== Your objective ==
Your answer must be every line of the data that contains "layers".

(Saved data entries)
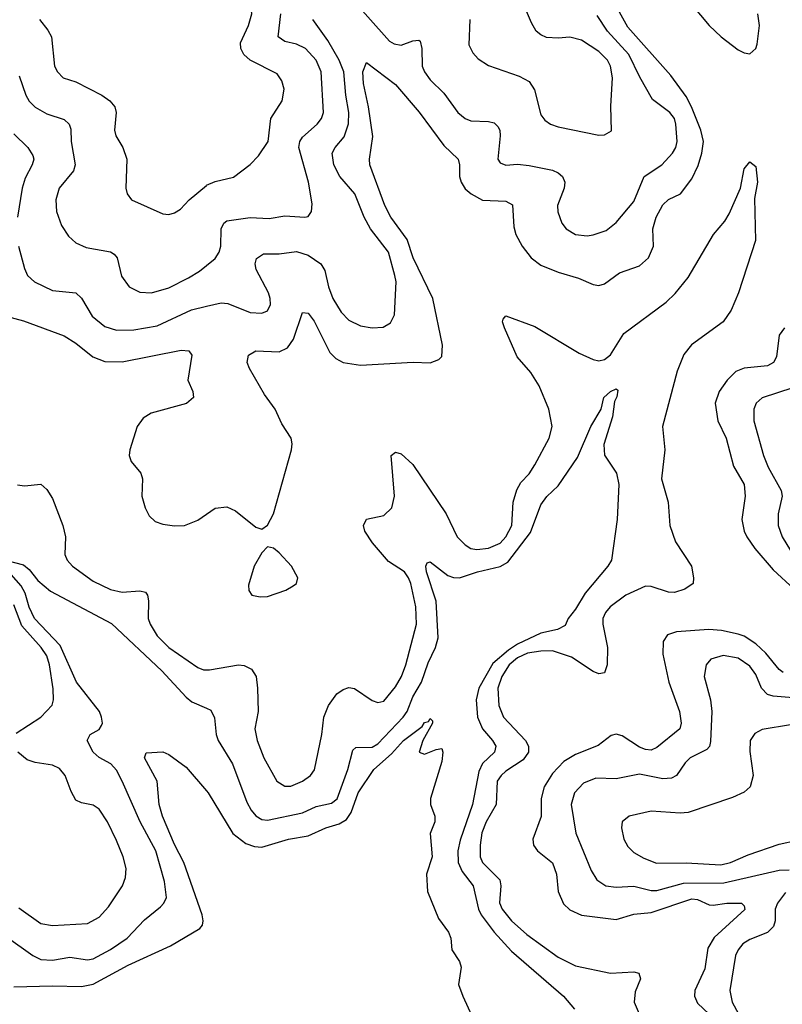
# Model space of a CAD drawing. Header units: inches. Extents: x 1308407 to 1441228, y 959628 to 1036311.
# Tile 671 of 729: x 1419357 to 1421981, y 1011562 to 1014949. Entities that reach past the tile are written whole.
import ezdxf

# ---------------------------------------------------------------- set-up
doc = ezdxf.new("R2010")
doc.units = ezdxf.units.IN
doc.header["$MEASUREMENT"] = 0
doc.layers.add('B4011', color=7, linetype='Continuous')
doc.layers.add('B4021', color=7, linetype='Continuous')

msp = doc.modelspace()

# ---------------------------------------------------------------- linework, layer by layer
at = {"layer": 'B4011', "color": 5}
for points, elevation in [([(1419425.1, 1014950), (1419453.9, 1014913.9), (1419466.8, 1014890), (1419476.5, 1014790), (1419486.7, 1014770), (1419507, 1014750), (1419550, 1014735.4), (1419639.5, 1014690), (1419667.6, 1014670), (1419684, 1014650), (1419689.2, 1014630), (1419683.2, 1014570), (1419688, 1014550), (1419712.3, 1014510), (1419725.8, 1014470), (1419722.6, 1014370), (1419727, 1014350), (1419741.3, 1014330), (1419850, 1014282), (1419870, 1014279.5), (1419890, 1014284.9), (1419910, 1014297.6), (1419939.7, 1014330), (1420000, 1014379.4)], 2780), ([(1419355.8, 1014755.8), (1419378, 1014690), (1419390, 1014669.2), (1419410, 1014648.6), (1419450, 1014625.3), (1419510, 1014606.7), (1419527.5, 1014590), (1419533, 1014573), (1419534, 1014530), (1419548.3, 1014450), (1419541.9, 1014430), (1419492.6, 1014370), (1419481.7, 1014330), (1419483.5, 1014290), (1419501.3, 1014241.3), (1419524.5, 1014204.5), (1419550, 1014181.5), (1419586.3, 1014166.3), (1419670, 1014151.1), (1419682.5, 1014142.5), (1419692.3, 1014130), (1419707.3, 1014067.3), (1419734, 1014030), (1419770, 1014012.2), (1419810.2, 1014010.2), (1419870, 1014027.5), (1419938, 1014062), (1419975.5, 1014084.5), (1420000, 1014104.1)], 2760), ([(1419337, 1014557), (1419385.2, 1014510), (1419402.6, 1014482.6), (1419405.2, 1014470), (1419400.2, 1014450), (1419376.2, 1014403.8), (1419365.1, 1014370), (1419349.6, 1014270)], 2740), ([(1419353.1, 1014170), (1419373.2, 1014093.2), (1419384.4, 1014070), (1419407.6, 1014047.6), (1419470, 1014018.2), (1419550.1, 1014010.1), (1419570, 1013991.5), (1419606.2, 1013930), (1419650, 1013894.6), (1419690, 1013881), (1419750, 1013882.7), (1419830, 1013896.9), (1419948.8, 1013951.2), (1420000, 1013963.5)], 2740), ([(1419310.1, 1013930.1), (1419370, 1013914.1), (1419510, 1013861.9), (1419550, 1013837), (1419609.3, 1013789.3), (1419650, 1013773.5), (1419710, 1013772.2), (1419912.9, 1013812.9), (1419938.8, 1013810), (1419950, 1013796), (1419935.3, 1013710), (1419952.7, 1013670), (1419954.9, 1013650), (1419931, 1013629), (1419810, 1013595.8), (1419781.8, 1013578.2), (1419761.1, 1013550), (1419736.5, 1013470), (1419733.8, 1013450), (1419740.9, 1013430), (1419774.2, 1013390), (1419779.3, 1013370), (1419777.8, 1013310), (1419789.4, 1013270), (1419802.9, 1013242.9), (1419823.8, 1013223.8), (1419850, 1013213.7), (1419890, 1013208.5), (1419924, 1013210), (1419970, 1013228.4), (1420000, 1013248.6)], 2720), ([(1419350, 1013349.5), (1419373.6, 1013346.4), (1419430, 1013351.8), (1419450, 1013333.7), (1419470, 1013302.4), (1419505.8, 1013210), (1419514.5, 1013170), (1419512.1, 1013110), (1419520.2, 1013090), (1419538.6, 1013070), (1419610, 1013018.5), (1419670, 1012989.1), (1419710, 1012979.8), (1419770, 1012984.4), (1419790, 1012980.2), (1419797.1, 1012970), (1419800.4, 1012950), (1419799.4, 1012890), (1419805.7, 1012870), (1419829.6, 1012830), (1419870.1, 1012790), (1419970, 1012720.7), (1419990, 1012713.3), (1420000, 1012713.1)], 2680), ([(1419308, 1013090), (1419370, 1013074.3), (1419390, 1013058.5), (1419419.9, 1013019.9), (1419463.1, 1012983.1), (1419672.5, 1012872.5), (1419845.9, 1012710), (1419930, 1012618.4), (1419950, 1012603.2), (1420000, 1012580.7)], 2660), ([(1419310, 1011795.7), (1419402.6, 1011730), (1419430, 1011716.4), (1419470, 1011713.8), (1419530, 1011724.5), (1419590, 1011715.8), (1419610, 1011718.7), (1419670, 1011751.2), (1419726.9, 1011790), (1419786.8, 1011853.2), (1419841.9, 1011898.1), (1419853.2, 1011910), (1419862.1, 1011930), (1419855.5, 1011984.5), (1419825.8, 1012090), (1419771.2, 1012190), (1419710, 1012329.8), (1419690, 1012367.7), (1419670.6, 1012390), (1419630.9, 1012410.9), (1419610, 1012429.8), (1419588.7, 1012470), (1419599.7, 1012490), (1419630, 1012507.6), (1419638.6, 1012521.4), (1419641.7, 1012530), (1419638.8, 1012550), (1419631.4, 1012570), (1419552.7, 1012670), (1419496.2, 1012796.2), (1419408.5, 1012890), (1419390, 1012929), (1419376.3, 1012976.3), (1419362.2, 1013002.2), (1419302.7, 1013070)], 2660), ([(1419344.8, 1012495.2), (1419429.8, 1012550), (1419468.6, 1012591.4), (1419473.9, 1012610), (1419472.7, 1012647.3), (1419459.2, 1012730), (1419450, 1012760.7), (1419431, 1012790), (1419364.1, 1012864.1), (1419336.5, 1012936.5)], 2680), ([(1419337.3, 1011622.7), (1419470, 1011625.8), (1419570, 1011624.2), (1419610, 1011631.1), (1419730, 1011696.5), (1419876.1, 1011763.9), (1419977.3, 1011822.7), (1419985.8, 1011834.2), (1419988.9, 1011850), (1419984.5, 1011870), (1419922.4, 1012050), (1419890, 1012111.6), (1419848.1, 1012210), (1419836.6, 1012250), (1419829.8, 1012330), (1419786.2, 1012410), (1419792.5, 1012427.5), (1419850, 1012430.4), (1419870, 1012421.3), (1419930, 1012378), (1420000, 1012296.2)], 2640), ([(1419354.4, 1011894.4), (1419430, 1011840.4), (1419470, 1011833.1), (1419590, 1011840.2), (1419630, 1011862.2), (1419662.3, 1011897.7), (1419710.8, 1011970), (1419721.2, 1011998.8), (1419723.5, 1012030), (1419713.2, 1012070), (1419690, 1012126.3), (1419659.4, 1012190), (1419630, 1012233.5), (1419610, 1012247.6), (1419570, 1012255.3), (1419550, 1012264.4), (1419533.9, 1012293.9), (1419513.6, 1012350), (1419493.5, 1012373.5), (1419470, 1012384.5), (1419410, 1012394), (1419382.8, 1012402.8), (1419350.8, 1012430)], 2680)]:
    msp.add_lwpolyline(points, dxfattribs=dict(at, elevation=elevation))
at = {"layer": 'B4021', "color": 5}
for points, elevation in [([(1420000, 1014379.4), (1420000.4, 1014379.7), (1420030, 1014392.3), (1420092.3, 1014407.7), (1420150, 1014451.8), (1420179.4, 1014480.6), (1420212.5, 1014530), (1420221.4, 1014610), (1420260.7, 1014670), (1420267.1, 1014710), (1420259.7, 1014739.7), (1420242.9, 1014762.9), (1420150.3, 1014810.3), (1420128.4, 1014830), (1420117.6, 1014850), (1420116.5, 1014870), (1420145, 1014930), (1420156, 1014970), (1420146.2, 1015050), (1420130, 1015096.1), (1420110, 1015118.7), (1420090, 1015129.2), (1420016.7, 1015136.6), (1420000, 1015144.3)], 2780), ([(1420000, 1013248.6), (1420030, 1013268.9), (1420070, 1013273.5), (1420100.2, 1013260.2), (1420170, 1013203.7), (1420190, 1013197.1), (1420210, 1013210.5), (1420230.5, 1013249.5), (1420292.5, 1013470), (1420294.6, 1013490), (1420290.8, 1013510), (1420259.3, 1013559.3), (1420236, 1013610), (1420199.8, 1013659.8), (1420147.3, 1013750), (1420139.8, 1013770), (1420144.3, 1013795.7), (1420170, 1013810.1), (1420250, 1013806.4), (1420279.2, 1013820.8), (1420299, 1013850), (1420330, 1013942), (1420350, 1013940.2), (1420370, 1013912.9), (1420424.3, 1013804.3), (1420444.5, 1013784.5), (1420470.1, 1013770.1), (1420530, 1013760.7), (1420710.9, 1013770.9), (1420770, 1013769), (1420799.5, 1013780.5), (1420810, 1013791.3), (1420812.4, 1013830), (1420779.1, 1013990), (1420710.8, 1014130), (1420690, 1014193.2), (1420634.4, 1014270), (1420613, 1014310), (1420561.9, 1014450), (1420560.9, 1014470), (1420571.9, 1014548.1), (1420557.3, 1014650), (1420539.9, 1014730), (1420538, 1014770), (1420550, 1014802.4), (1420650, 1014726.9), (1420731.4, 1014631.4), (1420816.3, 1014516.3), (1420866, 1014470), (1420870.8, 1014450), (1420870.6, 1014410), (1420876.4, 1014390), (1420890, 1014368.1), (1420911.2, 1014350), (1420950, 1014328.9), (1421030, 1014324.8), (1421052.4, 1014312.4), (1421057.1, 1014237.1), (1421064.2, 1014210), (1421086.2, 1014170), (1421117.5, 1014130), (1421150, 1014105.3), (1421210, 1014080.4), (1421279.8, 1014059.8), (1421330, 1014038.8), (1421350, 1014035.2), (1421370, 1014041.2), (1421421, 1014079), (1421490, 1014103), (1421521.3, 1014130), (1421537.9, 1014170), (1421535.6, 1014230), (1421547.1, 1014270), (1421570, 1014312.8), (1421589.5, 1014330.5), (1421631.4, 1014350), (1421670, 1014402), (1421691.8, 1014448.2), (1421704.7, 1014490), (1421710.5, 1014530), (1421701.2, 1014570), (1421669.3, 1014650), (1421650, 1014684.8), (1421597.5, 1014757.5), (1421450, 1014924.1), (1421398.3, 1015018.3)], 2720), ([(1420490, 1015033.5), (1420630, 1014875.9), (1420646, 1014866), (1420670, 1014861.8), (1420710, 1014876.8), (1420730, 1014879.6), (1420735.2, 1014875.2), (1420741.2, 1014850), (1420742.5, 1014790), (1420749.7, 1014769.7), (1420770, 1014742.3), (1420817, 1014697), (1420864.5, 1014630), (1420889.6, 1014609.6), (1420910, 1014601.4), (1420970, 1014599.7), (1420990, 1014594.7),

== Reply to the task ==
doc.layers.add('B4011', color=7, linetype='Continuous')
doc.layers.add('B4021', color=7, linetype='Continuous')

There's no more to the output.